When I first read “The perks of being a wallflower” I thought that’s so me. Still think the same way. I don’t talk much especially in big groups, not because I am afraid of stating my opinion. Just because I don’t feel like talking, sharing my energy with others who’ll probably won’t even understand. I listen. I notice and conclude. I examine people and analyze them and also me. I don’t like big birthday party or weddings because they are kind of senseless for me. Music is too loud to have a conversation across the table but too bad to dance to it. I prefer low-key gatherings, where you can easily communicate with each other, play games, have fun and not have a headache from the constant bass. I can easily choose to stay by myself if something is not interesting to listen to, or if there are no people to talk to. No company is way better than bad company. I enjoy staying at home, with a good book or movie, with an idea for a new photo, or new recipe. Sitting in the balcony and gaining the energy of sun. Learning new piano songs or playing the old ones again and again. Or laying in my room with twinkle lights and candles on, with fresh flowers in my vase, and watching a movie, writing or drawing. Going for a walk or to a shop all alone, because I don’t get bored of my own company. Me, headphones with my fave music in my ears, and the world to explore, what could be better?
I don’t know why I started this. It’s just that I’m inspired by another ordinary teenage movie. Or a few ones. Yes, I’m still a teenager in my soul, who has so much to learn and discover.
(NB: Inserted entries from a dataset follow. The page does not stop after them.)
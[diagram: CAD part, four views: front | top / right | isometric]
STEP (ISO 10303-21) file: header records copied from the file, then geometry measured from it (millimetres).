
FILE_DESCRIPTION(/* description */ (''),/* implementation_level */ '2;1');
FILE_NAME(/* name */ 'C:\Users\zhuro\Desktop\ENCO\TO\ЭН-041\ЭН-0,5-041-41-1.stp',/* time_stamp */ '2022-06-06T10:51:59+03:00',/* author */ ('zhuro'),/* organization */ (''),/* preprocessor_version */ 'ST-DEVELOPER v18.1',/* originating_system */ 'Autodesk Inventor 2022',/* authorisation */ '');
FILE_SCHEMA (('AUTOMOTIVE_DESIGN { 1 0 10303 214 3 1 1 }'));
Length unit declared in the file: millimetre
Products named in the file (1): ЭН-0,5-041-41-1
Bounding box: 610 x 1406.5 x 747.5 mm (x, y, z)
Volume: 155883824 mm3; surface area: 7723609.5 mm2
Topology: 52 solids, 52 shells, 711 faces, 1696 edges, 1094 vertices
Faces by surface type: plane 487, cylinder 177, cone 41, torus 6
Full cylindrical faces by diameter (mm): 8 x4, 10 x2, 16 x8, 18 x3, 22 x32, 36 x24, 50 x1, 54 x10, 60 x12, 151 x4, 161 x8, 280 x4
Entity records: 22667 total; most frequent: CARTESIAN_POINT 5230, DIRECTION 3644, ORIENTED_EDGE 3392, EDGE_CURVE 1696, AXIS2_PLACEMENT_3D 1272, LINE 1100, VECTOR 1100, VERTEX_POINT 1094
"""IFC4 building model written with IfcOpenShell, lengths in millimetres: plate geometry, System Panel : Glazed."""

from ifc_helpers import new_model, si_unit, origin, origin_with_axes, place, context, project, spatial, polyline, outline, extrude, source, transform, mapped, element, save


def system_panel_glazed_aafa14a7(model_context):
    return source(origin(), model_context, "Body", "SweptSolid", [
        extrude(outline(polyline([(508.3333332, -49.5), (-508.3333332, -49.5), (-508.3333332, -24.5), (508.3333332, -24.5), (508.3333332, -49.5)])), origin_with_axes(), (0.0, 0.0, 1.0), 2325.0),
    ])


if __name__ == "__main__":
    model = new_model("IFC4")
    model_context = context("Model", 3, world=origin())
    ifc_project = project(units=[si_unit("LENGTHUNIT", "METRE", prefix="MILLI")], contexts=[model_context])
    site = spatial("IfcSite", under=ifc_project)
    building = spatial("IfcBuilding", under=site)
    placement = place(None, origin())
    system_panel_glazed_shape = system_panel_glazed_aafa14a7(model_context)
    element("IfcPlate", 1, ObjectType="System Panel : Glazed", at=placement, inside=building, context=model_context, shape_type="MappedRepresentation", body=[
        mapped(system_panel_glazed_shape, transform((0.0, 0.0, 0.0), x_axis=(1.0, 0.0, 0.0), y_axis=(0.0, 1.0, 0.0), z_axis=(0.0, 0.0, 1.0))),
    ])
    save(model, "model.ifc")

Lately I don’t want to analyze myself, and getting close to finally understanding all my features. I don’t want to be all serious. I just want to capture my days, my thoughts, my moods and inspiration. To analyze my metamorphosis, how I was right before ending uni classes, during the last exams or diploma thesis stuff, and after graduating. To see my changes and development. Or just simply to remember these careless days. To know that I can always choose what to do and how to feel. That I can always prefer to be a teen once again for a while, to realize that my age doesn’t define who I am or who I should be and what I should do. I’m the master of my seas (I hope you’ll get this song reference). Anyway, now I’m choosing to be this careless teen wallflower, who can easily get excited by a movie, songs, the weather or something else.
Song Inspiration: Imagine Dragons- Demons, Next to Me.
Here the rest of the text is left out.